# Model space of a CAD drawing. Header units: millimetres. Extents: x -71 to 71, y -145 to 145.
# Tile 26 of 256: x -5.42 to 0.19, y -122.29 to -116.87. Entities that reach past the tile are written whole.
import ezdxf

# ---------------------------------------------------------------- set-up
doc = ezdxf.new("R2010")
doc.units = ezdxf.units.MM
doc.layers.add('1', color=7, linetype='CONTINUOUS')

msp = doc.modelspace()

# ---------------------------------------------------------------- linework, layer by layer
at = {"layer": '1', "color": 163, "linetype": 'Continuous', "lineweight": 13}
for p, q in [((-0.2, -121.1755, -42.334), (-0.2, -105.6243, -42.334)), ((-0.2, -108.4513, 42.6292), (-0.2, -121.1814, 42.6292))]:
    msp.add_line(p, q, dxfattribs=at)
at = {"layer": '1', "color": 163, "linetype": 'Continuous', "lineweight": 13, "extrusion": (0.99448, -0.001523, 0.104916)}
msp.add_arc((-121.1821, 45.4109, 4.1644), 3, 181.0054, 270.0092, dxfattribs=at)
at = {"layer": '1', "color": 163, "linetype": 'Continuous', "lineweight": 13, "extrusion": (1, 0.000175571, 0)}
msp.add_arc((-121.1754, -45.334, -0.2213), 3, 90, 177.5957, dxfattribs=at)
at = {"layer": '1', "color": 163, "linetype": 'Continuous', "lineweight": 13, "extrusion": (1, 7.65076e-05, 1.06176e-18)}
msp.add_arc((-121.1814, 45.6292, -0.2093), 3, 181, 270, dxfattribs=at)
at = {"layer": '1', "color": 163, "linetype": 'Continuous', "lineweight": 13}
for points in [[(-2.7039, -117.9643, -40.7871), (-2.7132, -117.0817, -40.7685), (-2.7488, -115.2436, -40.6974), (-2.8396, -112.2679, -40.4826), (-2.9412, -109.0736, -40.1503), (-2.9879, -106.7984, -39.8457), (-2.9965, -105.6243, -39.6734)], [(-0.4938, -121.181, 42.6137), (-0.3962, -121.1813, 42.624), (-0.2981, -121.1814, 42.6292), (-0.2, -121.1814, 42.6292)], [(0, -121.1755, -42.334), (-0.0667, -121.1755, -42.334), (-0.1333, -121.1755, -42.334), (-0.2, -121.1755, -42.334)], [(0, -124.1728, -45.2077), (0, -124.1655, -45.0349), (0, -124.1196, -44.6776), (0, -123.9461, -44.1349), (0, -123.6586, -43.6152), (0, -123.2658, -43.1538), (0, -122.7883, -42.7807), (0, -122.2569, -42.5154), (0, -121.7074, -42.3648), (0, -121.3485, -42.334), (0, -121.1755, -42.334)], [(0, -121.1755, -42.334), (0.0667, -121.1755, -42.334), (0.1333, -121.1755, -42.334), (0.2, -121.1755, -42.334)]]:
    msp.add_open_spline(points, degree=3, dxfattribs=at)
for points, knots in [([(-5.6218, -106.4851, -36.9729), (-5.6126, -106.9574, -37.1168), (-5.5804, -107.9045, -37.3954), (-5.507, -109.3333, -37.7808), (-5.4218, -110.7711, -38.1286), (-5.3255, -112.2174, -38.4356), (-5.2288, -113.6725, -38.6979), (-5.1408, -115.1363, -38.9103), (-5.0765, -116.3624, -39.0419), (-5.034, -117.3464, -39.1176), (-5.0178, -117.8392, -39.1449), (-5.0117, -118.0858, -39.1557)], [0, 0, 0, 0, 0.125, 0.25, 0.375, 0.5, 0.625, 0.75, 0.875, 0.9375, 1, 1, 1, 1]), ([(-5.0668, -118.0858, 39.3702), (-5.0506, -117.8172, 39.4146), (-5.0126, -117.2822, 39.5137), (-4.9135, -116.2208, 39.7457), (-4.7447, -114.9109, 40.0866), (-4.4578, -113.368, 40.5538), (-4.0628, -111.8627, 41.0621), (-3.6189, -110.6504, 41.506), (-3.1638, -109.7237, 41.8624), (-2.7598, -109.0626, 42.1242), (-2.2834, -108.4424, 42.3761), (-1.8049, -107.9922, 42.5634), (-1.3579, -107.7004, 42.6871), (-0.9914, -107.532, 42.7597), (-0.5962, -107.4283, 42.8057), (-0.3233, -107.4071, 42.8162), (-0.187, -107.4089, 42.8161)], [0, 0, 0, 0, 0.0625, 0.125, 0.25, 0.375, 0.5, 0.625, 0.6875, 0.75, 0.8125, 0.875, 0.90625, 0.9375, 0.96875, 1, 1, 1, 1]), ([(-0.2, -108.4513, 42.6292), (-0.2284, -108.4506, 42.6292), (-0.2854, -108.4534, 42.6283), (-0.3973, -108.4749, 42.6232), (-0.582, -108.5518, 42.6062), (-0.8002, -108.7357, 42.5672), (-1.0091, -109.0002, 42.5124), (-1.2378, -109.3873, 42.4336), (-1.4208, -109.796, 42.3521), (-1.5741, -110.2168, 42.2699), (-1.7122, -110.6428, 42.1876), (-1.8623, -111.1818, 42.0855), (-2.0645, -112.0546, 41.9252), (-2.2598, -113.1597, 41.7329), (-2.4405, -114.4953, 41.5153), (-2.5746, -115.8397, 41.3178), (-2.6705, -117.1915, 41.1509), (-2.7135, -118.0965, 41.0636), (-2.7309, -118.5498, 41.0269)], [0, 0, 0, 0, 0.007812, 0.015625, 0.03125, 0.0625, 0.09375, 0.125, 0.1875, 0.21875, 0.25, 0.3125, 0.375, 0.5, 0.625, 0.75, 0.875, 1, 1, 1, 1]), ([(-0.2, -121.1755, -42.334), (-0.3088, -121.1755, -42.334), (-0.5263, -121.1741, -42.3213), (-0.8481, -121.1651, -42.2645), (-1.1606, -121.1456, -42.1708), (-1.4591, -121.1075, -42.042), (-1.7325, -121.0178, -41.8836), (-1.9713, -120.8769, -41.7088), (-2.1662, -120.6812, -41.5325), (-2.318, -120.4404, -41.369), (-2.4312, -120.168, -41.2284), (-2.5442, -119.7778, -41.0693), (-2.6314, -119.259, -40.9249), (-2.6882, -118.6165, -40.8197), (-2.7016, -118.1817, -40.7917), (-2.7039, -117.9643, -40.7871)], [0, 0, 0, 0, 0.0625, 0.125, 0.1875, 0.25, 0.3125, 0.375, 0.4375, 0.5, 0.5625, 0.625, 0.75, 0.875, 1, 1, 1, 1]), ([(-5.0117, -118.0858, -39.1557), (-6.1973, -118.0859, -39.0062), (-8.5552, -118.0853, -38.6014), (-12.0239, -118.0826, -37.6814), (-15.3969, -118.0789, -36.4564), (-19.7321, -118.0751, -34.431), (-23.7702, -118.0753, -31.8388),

> Brief:
List every line above that contains the word "extrusion".

> Output of the exercise:
at = {"layer": '1', "color": 163, "linetype": 'Continuous', "lineweight": 13, "extrusion": (0.99448, -0.001523, 0.104916)}
at = {"layer": '1', "color": 163, "linetype": 'Continuous', "lineweight": 13, "extrusion": (1, 0.000175571, 0)}
at = {"layer": '1', "color": 163, "linetype": 'Continuous', "lineweight": 13, "extrusion": (1, 7.65076e-05, 1.06176e-18)}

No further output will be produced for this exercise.